Larry Lamb lets slip return for Art Detectives series two

Larry Lamb has revealed he will reprise his role as art forger Ron in the second series of U+Drama’s Art Detectives, following the show’s strong audience response after its debut in October 2025.

SHARE

SHARE

Art Detectives star Larry Lamb
Art Detectives star Larry Lamb

Larry Lamb will return in the second series of Art Detectives later this year.

In series one of the compelling U+Drama crime show, the 78-year-old actor played Ron, a "highly-rated" forger of paintings, alongside his son, Mick Palmer (Stephen Moyer), who is a Metropolitan Police detective in the Heritage Crime Unit solving murders linked to stolen art, forgeries and treasure.

Appearing on the latest episode of the Beyond the Title podcast, he told host Josh Barry: "That's coming back in, I think, the latter part of the year."

Larry loved the concept of Art Detectives.

He said: "My son in the story, the central character, he got to know about art because he'd spent a lot of his younger years around his dad, the character I play.

"And the character I play is a really, really highly-rated forger of paintings. So the boy is on the other side of the law.

"The father's been hiding away over the years, and he comes back into the son's life."

Larry added: "It's a good, entertaining show. It's a bit of a mystery, and it's a bit of a whodunit. But yeah, it worked really well with audiences, so they're going to go again with it."

As well as Larry and Stephen, Art Detectives - of which the first six-part series aired in October 2025 - also starred Nina Singh (DC Shazia Malik).

Another TV show credit Larry has to his name is the beloved BBC sitcom Gavin and Stacey.

The comedy series - in which he played Mick Shipman, the dad of Gavin Shipman (Mathew Horne), a Billericay, Essex, resident who falls in love with Barry Island, Wales' Stacey West (Joanna Page) - ended on Christmas Day 2024 after a 17-year run.

The finale raked in over 20 million viewers, and the show is still constantly being repeated and streamed.

And Larry believes the secret to Gavin and Stacey's success is that the viewers feel as though they are part of the Shipman clan, and pals with Gavin, Stacey, Neil 'Smithy' Smith (James Corden), and Vanessa 'Nessa' Jenkins (Ruth Jones).

Discussing why he thinks the show is so popular, Larry said: "It’s because it’s all about love.

"When Ruth and James wrote Gavin and Stacey, they created a family that everyone can belong to.
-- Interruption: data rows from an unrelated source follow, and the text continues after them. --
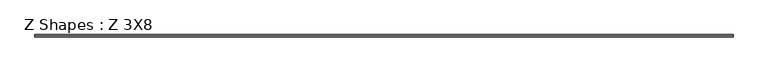
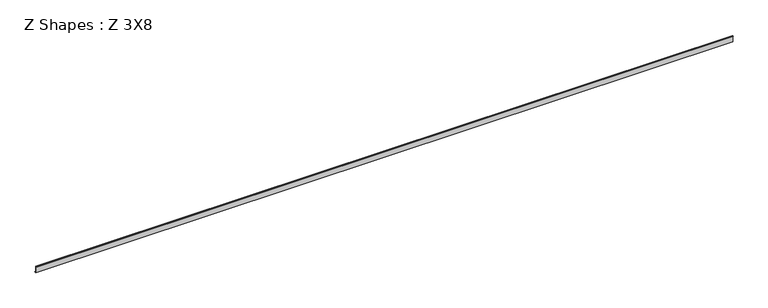
"""IFC4 building model written with IfcOpenShell, lengths in millimetres: beam geometry, Z Shapes : Z 3X8."""

from ifc_helpers import new_model, si_unit, frame, origin, place, context, project, spatial, polyline, outline, extrude, source, transform, mapped, element, save


def z_shapes_z_3x8_0ff4bf34(model_context):
    return source(origin(), model_context, "Body", "SweptSolid", [
        extrude(outline(polyline([(-57.2805719, 101.596825), (-57.2805719, 111.248825), (-19.1805719, 111.248825), (-19.1805719, -101.603175), (18.9194281, -101.603175), (18.9194281, -107.953175), (-27.1991352, -107.953175), (-27.1991352, 101.596825), (-57.2805719, 101.596825)])), frame((-11963.4, 0.0, 0.0), z_axis=(1.0, 0.0, 0.0), x_axis=(0.0, 1.0, 0.0)), (0.0, 0.0, 1.0), 23926.8),
    ])


if __name__ == "__main__":
    model = new_model("IFC4")
    model_context = context("Model", 3, world=origin())
    ifc_project = project(units=[si_unit("LENGTHUNIT", "METRE", prefix="MILLI")], contexts=[model_context])
    site = spatial("IfcSite", under=ifc_project)
    building = spatial("IfcBuilding", under=site)
    placement = place(None, origin())
    z_shapes_z_3x8_shape = z_shapes_z_3x8_0ff4bf34(model_context)
    element("IfcBeam", 1, ObjectType="Z Shapes : Z 3X8", at=placement, inside=building, context=model_context, shape_type="MappedRepresentation", body=[
        mapped(z_shapes_z_3x8_shape, transform((0.0, 0.0, 0.0), x_axis=(1.0, 0.0, 0.0), y_axis=(0.0, 1.0, 0.0), z_axis=(0.0, 0.0, 1.0))),
    ])
    save(model, "model.ifc")

# Revit data of these elements
# Type "Z Shapes : Z 3X8"
#   Section Name Key = "W12x26"
#   Assembly Code = "B10"
#   Width = 76.2 mm
#   Web Thickness = 5.842 mm
#   Web Fillet = 7.62 mm
#   Warping Constant = 163001.3 cm⁶
#   Torsional Moment of Inertia = 12.4869 cm⁴
#   Section Area = 7.65 in²
#   Plastic Modulus weak axis = 0.00472801 (stored number, unit not read)
#   Plastic Modulus strong axis = 0.0215278 (stored number, unit not read)
#   Perimeter = 15.0571 m²/m
#   Nominal Weight = 379.441 N/m
#   Moment of Inertia weak axis = 720.08 cm⁴
#   Moment of Inertia strong axis = 8491.12 cm⁴
#   Height = 203.2 mm
#   Flange Thickness = 9.652 mm
#   Elastic Modulus weak axis = 0.00309028 (stored number, unit not read)
#   Elastic Modulus strong axis = 0.0193287 (stored number, unit not read)
#   Centroid Vertical = 101.6 mm
#   Centroid Horizontal = 38.1 mm
#   Length [instance default] = 5' - 0"
#   Structural Material [instance default] = Steel ASTM A992
#   Principal Axes Angle = 0
# Element 1 (IfcBeam, "Z Shapes : Z 3X8")
#   Materials on its faces: "Steel ASTM A992"
# Materials
#   "Steel ASTM A992": class "Metal", colour RGB 189 187 185, transparency 0, Description = "Structural steel 50ksi", Cost = 0

Because everybody wants to be part of a big, loving, extended family, and you can belong to this, right?

"And that's what it was, it was totally inclusive, because it wasn't about people who are, you know, who are pretending to be something. There was no pretending there at all.

"It was so carefully put together with all those characters, and people would say, ‘Oh, it always feels like it's real.’ And that's the skill.

"Another one of these totally unknown skills is that people have to put together a cast of people. They think they just get a bunch of actors. But it's about slotting those people to go in it.

"Finding that couple for playing Gavin and Stacey, who had to fall in love on camera, and you had to believe them falling in love. And if you didn't believe them, there was no story there.

"Well, finding those two people who didn't know each other, never been in a room together, and get them together, and then looking at them thinking, ‘Yep, that's it, we've got Gavin and Stacey there.’ That’s extraordinary.

"They just got it right because they are so canny, those two [James and Ruth]."